CyclicMPNN adapts sequence design to cyclic backbones
Why this work matters
Cyclic peptides are attractive scaffolds because their closed backbone can promote structural rigidity and proteolytic stability. Yet assigning sequences that reliably fold into a given cyclic backbone remains a key challenge. In this study, the authors introduce CyclicMPNN, a fine-tuned version of ProteinMPNN designed specifically to improve sequence design for short cyclic peptides.
Background
While backbone generation methods can now produce large numbers of cyclic peptide geometries, sequence design has lagged behind. ProteinMPNN performs well on many fixed-backbone problems, but its training data is dominated by globular proteins. Short cyclic peptides represent a distinct structural regime. The authors hypothesized that retraining ProteinMPNN on cyclic-specific data would improve structural agreement between designed sequences and their intended cyclic backbones.
The new approach
CyclicMPNN was created by fine-tuning ProteinMPNN on a dataset enriched for cyclic peptides. This training set combined experimentally determined cyclic peptide structures with in silico generated cyclic backbones.
For the synthetic backbones, sequences were first designed and then evaluated by structure prediction. Only designs whose predicted structures closely matched the intended backbone, based on low backbone RMSD cutoffs, were retained. The curated dataset was clustered to reduce redundancy and used to fine-tune the model over 200 epochs, selecting the lowest-perplexity checkpoint.
The architecture itself was unchanged. The improvement comes from adapting the training distribution.
Key results
The authors first tested CyclicMPNN on four experimentally determined cyclic peptide X-ray structures. In all cases, redesigned sequences produced predicted structures within 1.0 Å backbone RMSD of the experimental backbone. Compared to ProteinMPNN, CyclicMPNN achieved comparable or lower deviations in most cases and outperformed HighMPNN on several targets.
They next evaluated large sets of de novo cyclic backbones of different lengths. For 8-residue cyclic peptides, CyclicMPNN reduced the median backbone RMSD from 1.55 Å to 1.13 Å relative to ProteinMPNN. Improvements were also observed for 6- and 10-residue backbones. Structure prediction confidence scores were modestly higher with CyclicMPNN, particularly for shorter peptides.
For 14-residue cyclic backbones generated using RFPeptide, CyclicMPNN again showed improved backbone agreement, lowering median RMSD compared to both ProteinMPNN and HighMPNN.

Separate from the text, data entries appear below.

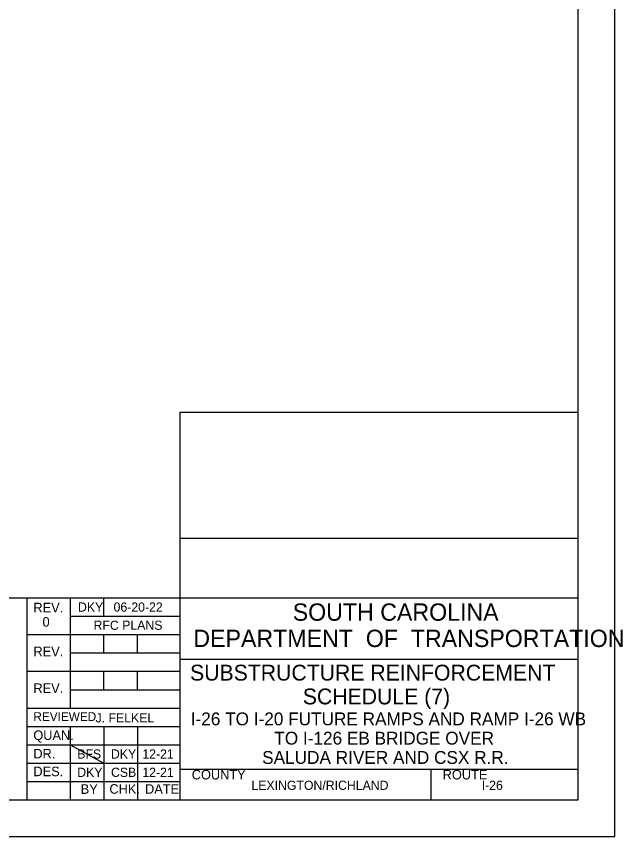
# Model space of a CAD drawing. Extents: x -121.2 to -24.9, y 6.4 to 65.9.
# Drawn here: x -46.89 to -24.88, y 6.35 to 36.13 of the extents above; entities that cross this region are included whole.
import ezdxf

# ---------------------------------------------------------------- set-up
doc = ezdxf.new("R2010")
doc.units = 0
for name, color, linetype in [('BR_BORDER LINES', 7, 'Continuous'), ('BR_TEXT', 7, 'Continuous'), ('Level 31', 7, 'Continuous')]:
    doc.layers.add(name, color=color, linetype=linetype)

msp = doc.modelspace()

# ---------------------------------------------------------------- linework, layer by layer
at = {"layer": 'BR_BORDER LINES'}
for p, q in [((-26.496, 7.683), (-26.496, 63.683)), ((-40.941, 7.683), (-40.941, 21.754)), ((-40.941, 21.754), (-26.496, 21.754)), ((-40.94, 17.182), (-26.496, 17.182)), ((-60.804, 15.017), (-46.496, 15.017)), ((-46.496, 7.683), (-46.496, 15.017)), ((-46.496, 15.017), (-26.496, 15.017)), ((-44.941, 15.017), (-44.941, 11.017)), ((-43.718, 14.35), (-43.718, 15.017)), ((-44.941, 14.35), (-40.941, 14.35)), ((-46.496, 13.684), (-40.941, 13.684)), ((-43.718, 13.017), (-43.718, 13.684)), ((-42.496, 13.017), (-42.496, 13.684)), ((-44.941, 13.017), (-40.941, 13.017)), ((-40.941, 12.795), (-40.941, 12.795)), ((-40.941, 12.795), (-26.495, 12.795)), ((-46.496, 12.35), (-40.941, 12.35)), ((-43.718, 11.684), (-43.718, 12.35)), ((-42.496, 11.684), (-42.496, 12.35)), ((-44.941, 11.684), (-40.941, 11.684)), ((-46.496, 11.017), (-40.941, 11.017)), ((-46.496, 10.35), (-40.941, 10.35)), ((-44.941, 10.35), (-44.941, 7.683)), ((-43.718, 10.35), (-43.718, 7.683)), ((-42.496, 10.35), (-42.496, 7.683)), ((-46.496, 9.683), (-40.941, 9.683)), ((-46.496, 9.017), (-40.941, 9.017)), ((-40.941, 8.795), (-26.496, 8.795)), ((-40.68, 8.795), (-26.496, 8.795)), ((-31.829, 7.683), (-31.829, 8.795)), ((-46.496, 8.35), (-40.941, 8.35)), ((-116.272, 7.683), (-26.496, 7.683))]:
    msp.add_line(p, q, dxfattribs=at)
at = {"layer": 'Level 31'}
for p, q in [((-33.717, 11.621), (-33.717, 11.621)), ((-44.941, 9.683), (-43.718, 9.017))]:
    msp.add_line(p, q, dxfattribs=at)
msp.add_lwpolyline([(-121.161, 6.35), (-25.161, 6.35), (-25.161, 65.017), (-121.161, 65.017)], close=True, dxfattribs=at)

# ---------------------------------------------------------------- texts
at = {"layer": 'BR_TEXT'}
for s, height, p in [('REV.', 0.3467, (-46.27, 14.491)), ('DKY', 0.3333, (-44.652, 14.517)), ('06-20-22', 0.3333, (-43.36, 14.517)), ('SOUTH CAROLINA', 0.62899, (-36.855, 14.186)), ('0', 0.347, (-45.94, 13.971)), ('RFC PLANS', 0.3333, (-44.087, 13.857)), ('DEPARTMENT  OF  TRANSPORTATION', 0.62899, (-40.463, 13.232)), ('REV.', 0.3467, (-46.27, 12.898)), ('SUBSTRUCTURE REINFORCEMENT', 0.576, (-40.583, 12.014)), ('REV.', 0.3467, (-46.27, 11.565)), ('SCHEDULE (7)', 0.576, (-36.489, 11.15)), ('REVIEWED', 0.32, (-46.272, 10.546)), ('J. FELKEL', 0.3333, (-44.015, 10.495)), ('I-26 TO I-20 FUTURE RAMPS AND RAMP I-26 WB', 0.46667, (-40.558, 10.39)), ('QUAN.', 0.3467, (-46.274, 9.857)), ('TO I-126 EB BRIDGE OVER', 0.46667, (-37.523, 9.69)), ('DR.', 0.3467, (-46.273, 9.186)), ('BFS', 0.3333, (-44.677, 9.183)), ('DKY', 0.3333, (-43.456, 9.183)), ('12-21', 0.3333, (-42.316, 9.183)), ('SALUDA RIVER AND CSX R.R.', 0.46667, (-37.965, 8.99)), ('DES.', 0.3467, (-46.271, 8.543)), ('DKY', 0.3333, (-44.679, 8.517)), ('CSB', 0.3333, (-43.454, 8.517)), ('12-21', 0.3333, (-42.316, 8.517)), ('COUNTY', 0.3467, (-40.521, 8.425)), ('ROUTE', 0.3467, (-31.41, 8.425)), ('LEXINGTON/RICHLAND', 0.33332, (-38.355, 8.047)), ('I-26', 0.3333, (-29.993, 8.047)), ('BY', 0.3467, (-44.553, 7.902)), ('CHK.', 0.3467, (-43.511, 7.906)), ('DATE', 0.3467, (-42.217, 7.906))]:
    msp.add_text(s, height=height, dxfattribs=at).set_placement(p)

doc.saveas('drawing.dxf')

In a motif-constrained design test, an Nrf2-derived “EETG” motif was embedded into 8-residue cyclic scaffolds. CyclicMPNN produced a larger number of designs that met the authors’ stability criterion. Among 100 scaffolds, 12 CyclicMPNN designs passed the threshold compared to 6 for ProteinMPNN, and more high-quality folding funnel outliers were observed.
Validation
All validation was computational. Designed sequences were evaluated using structure prediction to measure backbone RMSD and model confidence. The authors also performed PNear-based energy landscape analysis. For a selected set of 6-residue designs, CyclicMPNN showed a substantially higher median PNear value than ProteinMPNN, indicating more pronounced folding funnels toward the intended structure.
Broader significance
The authors conclude that fine-tuning on cyclic-enriched datasets improves sequence design performance for short cyclic peptides. They suggest that this strategy may be useful for adapting pretrained sequence design models to other underrepresented structural regimes.
This work was recently posted as a bioRxiv preprint by Hosseinzadeh and colleagues.